We want the model with the lowest AIC and deviance, which is the final model that we made using automatic variable selection, \[ y=-12.6489780 + 0.6190066 \times Thickness\_Of\_Clump + 0.5291962 \times Cell\_Shape\_Uniformity \\ + 0.2466034 \times Marginal \_ Adhesion + 2.3139921 \times Bare\_Nuclei.catRapid \\ + 0.4839178 \times Bland\_Chromatin+ 0.2309150 \times Single\_Epithelial\_Cell\_Size \] This is the model we will use to find the odds ratios.

Odds Ratio

In the table below, we added an odds ratio that we converted from the regression coefficients. These make more practical sense to read.
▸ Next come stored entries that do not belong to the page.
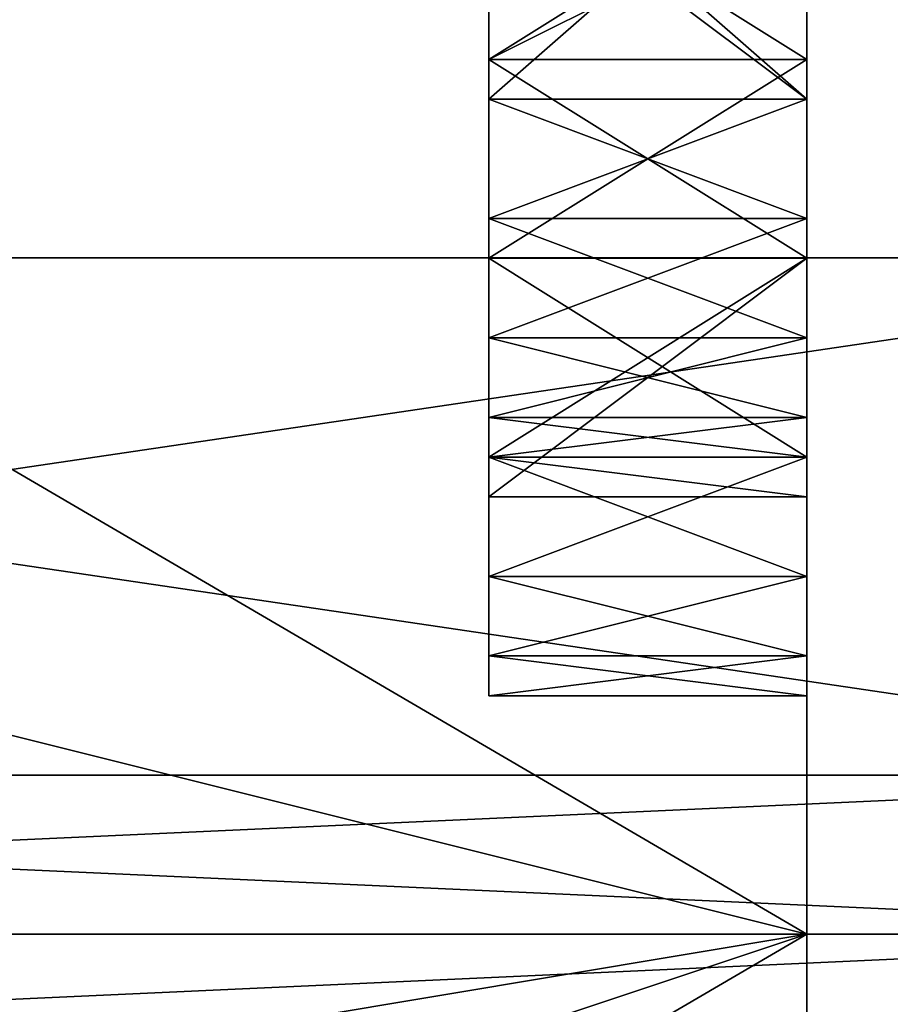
# Model space of a CAD drawing. Header units: millimetres. Extents: x -50 to 50, y -22 to 96.
# Tile 283 of 374: x 42.26 to 43.63, y -0.11 to 1.44. Entities that reach past the tile are written whole.
import ezdxf

# ---------------------------------------------------------------- set-up
doc = ezdxf.new("R2010")
doc.units = ezdxf.units.MM
doc.header["$LTSCALE"] = 65.185185
for name, color, linetype in [('1007', 7, 'CONTINUOUS'), ('1008', 7, 'CONTINUOUS'), ('1009', 7, 'CONTINUOUS'), ('1010', 7, 'CONTINUOUS'), ('1011', 7, 'CONTINUOUS'), ('1012', 7, 'CONTINUOUS'), ('1013', 7, 'CONTINUOUS'), ('1014', 7, 'CONTINUOUS'), ('1015', 7, 'CONTINUOUS'), ('1016', 7, 'CONTINUOUS'), ('1025', 7, 'CONTINUOUS'), ('1026', 7, 'CONTINUOUS'), ('1027', 7, 'CONTINUOUS'), ('1028', 7, 'CONTINUOUS'), ('1029', 7, 'CONTINUOUS'), ('1030', 7, 'CONTINUOUS'), ('1031', 7, 'CONTINUOUS'), ('1032', 7, 'CONTINUOUS'), ('1033', 7, 'CONTINUOUS'), ('1034', 7, 'CONTINUOUS'), ('1035', 7, 'CONTINUOUS'), ('1036', 7, 'CONTINUOUS'), ('1037', 7, 'CONTINUOUS'), ('1050', 7, 'CONTINUOUS'), ('1051', 7, 'CONTINUOUS'), ('1052', 7, 'CONTINUOUS'), ('1053', 7, 'CONTINUOUS'), ('1054', 7, 'CONTINUOUS'), ('1055', 7, 'CONTINUOUS'), ('1056', 7, 'CONTINUOUS'), ('1057', 7, 'CONTINUOUS'), ('1058', 7, 'CONTINUOUS'), ('1059', 7, 'CONTINUOUS'), ('1060', 7, 'CONTINUOUS'), ('1081', 7, 'CONTINUOUS'), ('1082', 7, 'CONTINUOUS'), ('1149', 7, 'CONTINUOUS'), ('1159', 7, 'CONTINUOUS'), ('1164', 7, 'CONTINUOUS'), ('1178', 7, 'CONTINUOUS'), ('800', 7, 'CONTINUOUS'), ('801', 7, 'CONTINUOUS'), ('809', 7, 'CONTINUOUS'), ('948', 7, 'CONTINUOUS'), ('949', 7, 'CONTINUOUS')]:
    doc.layers.add(name, color=color, linetype=linetype)

msp = doc.modelspace()

# ---------------------------------------------------------------- linework, layer by layer
at = {"layer": '1007', "linetype": 'CONTINUOUS'}
for points in [[(43.5, 1.6875, -0.4149), (43.5, 1.375, -0.4149), (43, 1.375, -0.4149), (43.5, 1.6875, -0.4149)], [(43, 1.6875, -0.4149), (43.5, 1.6875, -0.4149), (43, 1.375, -0.4149), (43, 1.6875, -0.4149)]]:
    msp.add_3dface(points, dxfattribs=at)
at = {"layer": '1008', "linetype": 'CONTINUOUS'}
for points in [[(43.5, 1.375, -0.4149), (43.5, 1.0625, -0.3511), (43, 1.0625, -0.3511), (43.5, 1.375, -0.4149)], [(43, 1.375, -0.4149), (43.5, 1.375, -0.4149), (43, 1.0625, -0.3511), (43, 1.375, -0.4149)]]:
    msp.add_3dface(points, dxfattribs=at)
at = {"layer": '1009', "linetype": 'CONTINUOUS'}
for points in [[(43.5, 1.0625, -0.3511), (43.5, 0.6875, -0.0957), (43, 0.6875, -0.0957), (43.5, 1.0625, -0.3511)], [(43, 1.0625, -0.3511), (43.5, 1.0625, -0.3511), (43, 0.6875, -0.0957), (43, 1.0625, -0.3511)]]:
    msp.add_3dface(points, dxfattribs=at)
at = {"layer": '1010', "linetype": 'CONTINUOUS'}
for points in [[(43.5, 0.6875, -0.0957), (43.5, 0.6875, -0.2234), (43, 0.6875, -0.2234), (43.5, 0.6875, -0.0957)], [(43, 0.6875, -0.0957), (43.5, 0.6875, -0.0957), (43, 0.6875, -0.2234), (43, 0.6875, -0.0957)]]:
    msp.add_3dface(points, dxfattribs=at)
at = {"layer": '1011', "linetype": 'CONTINUOUS'}
for points in [[(43.5, 0.6875, -0.2234), (43.5, 0.75, -0.6064), (43, 0.75, -0.6064), (43.5, 0.6875, -0.2234)], [(43, 0.6875, -0.2234), (43.5, 0.6875, -0.2234), (43, 0.75, -0.6064), (43, 0.6875, -0.2234)]]:
    msp.add_3dface(points, dxfattribs=at)
at = {"layer": '1012', "linetype": 'CONTINUOUS'}
for points in [[(43.5, 0.75, -0.6064), (43.5, 0.8125, -0.7979), (43, 0.8125, -0.7979), (43.5, 0.75, -0.6064)], [(43, 0.75, -0.6064), (43.5, 0.75, -0.6064), (43, 0.8125, -0.7979), (43, 0.75, -0.6064)]]:
    msp.add_3dface(points, dxfattribs=at)
at = {"layer": '1013', "linetype": 'CONTINUOUS'}
for points in [[(43.5, 0.8125, -0.7979), (43.5, 0.9375, -0.9894), (43, 0.9375, -0.9894), (43.5, 0.8125, -0.7979)], [(43, 0.8125, -0.7979), (43.5, 0.8125, -0.7979), (43, 0.9375, -0.9894), (43, 0.8125, -0.7979)]]:
    msp.add_3dface(points, dxfattribs=at)
at = {"layer": '1014', "linetype": 'CONTINUOUS'}
for points in [[(43.5, 0.9375, -0.9894), (43.5, 1.125, -1.117), (43, 1.125, -1.117), (43.5, 0.9375, -0.9894)], [(43, 0.9375, -0.9894), (43.5, 0.9375, -0.9894), (43, 1.125, -1.117), (43, 0.9375, -0.9894)]]:
    msp.add_3dface(points, dxfattribs=at)
at = {"layer": '1015', "linetype": 'CONTINUOUS'}
for points in [[(43.5, 1.125, -1.117), (43.5, 1.3125, -1.1809), (43, 1.3125, -1.1809), (43.5, 1.125, -1.117)], [(43, 1.125, -1.117), (43.5, 1.125, -1.117), (43, 1.3125, -1.1809), (43, 1.125, -1.117)]]:
    msp.add_3dface(points, dxfattribs=at)
at = {"layer": '1016', "linetype": 'CONTINUOUS'}
for points in [[(43.5, 1.3125, -1.1809), (43.5, 1.6875, -1.1809), (43, 1.6875, -1.1809), (43.5, 1.3125, -1.1809)], [(43, 1.3125, -1.1809), (43.5, 1.3125, -1.1809), (43, 1.6875, -1.1809), (43, 1.3125, -1.1809)]]:
    msp.add_3dface(points, dxfattribs=at)
at = {"layer": '1025', "linetype": 'CONTINUOUS'}
for points in [[(43.5, 1.625, -1.5), (43.5, 1.375, -1.5), (43, 1.375, -1.5), (43.5, 1.625, -1.5)], [(43, 1.625, -1.5), (43.5, 1.625, -1.5), (43, 1.375, -1.5), (43, 1.625, -1.5)]]:
    msp.add_3dface(points, dxfattribs=at)
at = {"layer": '1026', "linetype": 'CONTINUOUS'}
for points in [[(43.5, 1.375, -1.5), (43.5, 1.0625, -1.4362), (43, 1.0625, -1.4362), (43.5, 1.375, -1.5)], [(43, 1.375, -1.5), (43.5, 1.375, -1.5), (43, 1.0625, -1.4362), (43, 1.375, -1.5)]]:
    msp.add_3dface(points, dxfattribs=at)
at = {"layer": '1027', "linetype": 'CONTINUOUS'}
for points in [[(43.5, 1.0625, -1.4362), (43.5, 0.75, -1.2447), (43, 0.75, -1.2447), (43.5, 1.0625, -1.4362)], [(43, 1.0625, -1.4362), (43.5, 1.0625, -1.4362), (43, 0.75, -1.2447), (43, 1.0625, -1.4362)]]:
    msp.add_3dface(points, dxfattribs=at)
at = {"layer": '1028', "linetype": 'CONTINUOUS'}
for points in [[(43.5, 0.75, -1.2447), (43.5, 0.5625, -0.9894), (43, 0.5625, -0.9894), (43.5, 0.75, -1.2447)], [(43, 0.75, -1.2447), (43.5, 0.75, -1.2447), (43, 0.5625, -0.9894), (43, 0.75, -1.2447)]]:
    msp.add_3dface(points, dxfattribs=at)
at = {"layer": '1029', "linetype": 'CONTINUOUS'}
for points in [[(43.5, 0.5625, -0.9894), (43.5, 0.4375, -0.6702), (43, 0.4375, -0.6702), (43.5, 0.5625, -0.9894)], [(43, 0.5625, -0.9894), (43.5, 0.5625, -0.9894), (43, 0.4375, -0.6702), (43, 0.5625, -0.9894)]]:
    msp.add_3dface(points, dxfattribs=at)
at = {"layer": '1030', "linetype": 'CONTINUOUS'}
for points in [[(43.5, 0.4375, -0.6702), (43.5, 0.375, -0.2234), (43, 0.375, -0.2234), (43.5, 0.4375, -0.6702)], [(43, 0.4375, -0.6702), (43.5, 0.4375, -0.6702), (43, 0.375, -0.2234), (43, 0.4375, -0.6702)]]:
    msp.add_3dface(points, dxfattribs=at)
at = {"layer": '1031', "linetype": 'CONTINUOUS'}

model.coef.stats = summary(final.model.forward)$coef
odds.ratio = exp(coef(final.model.forward))
out.stats = cbind(model.coef.stats, odds.ratio = odds.ratio)                 
kable(out.stats,caption = "Summary Stats with Odds Ratios")
Summary Stats with Odds Ratios
Estimate Std. Error z value Pr(>|z|) odds.ratio
(Intercept) -12.6489780 1.3505450 -9.365832 0.0000000 0.0000032
Thickness_of_Clump 0.6190066 0.1101233 5.621030 0.0000000 1.8570823
Cell_Shape_Uniformity 0.5291962 0.1199551 4.411619 0.0000103 1.6975672
Marginal_Adhesion 0.2466034 0.0959302 2.570654 0.0101507 1.2796715
Bare_Nuclei.catRapid 2.3139921 0.6809299 3.398282 0.0006781 10.1147234
Bland_Chromatin 0.4839178 0.1222115 3.959673 0.0000751 1.6224183
Single_Epithelial_Cell_Size 0.2309150 0.1211191 1.906511 0.0565840 1.2597521

The odds ratio associated with Bare_Nuclei.catRapid is 10.1147 meaning that when Bare nuclei increases rapidly and goes up by one unit, the odds of having a “Yes” outcome increase by about \(10.115\%\). This is the most significant risk factor for breast cancer, statistically and practically. The odds ratio can be found in the table above and interpreted the same way for each response variable.

Discussion/Conclusion

This report focuses on the association analysis of the potential risk factors of breast cancer. We started with 9 variables, 2 of which we made categorical and in our final model, we ended up with 6. These 6 variables are Thickness_of_Clump, Cell_Shape_Uniformity, Marginal_Adhesion, Bare_Nuclei.catRapid, Bland_Chromatin, and Single_Epithelial_Cell_Size.

We can not be sure if the variables we dropped had practical significance, as we did not consult breast cancer experts for this report. This is the best model we have made for association analysis.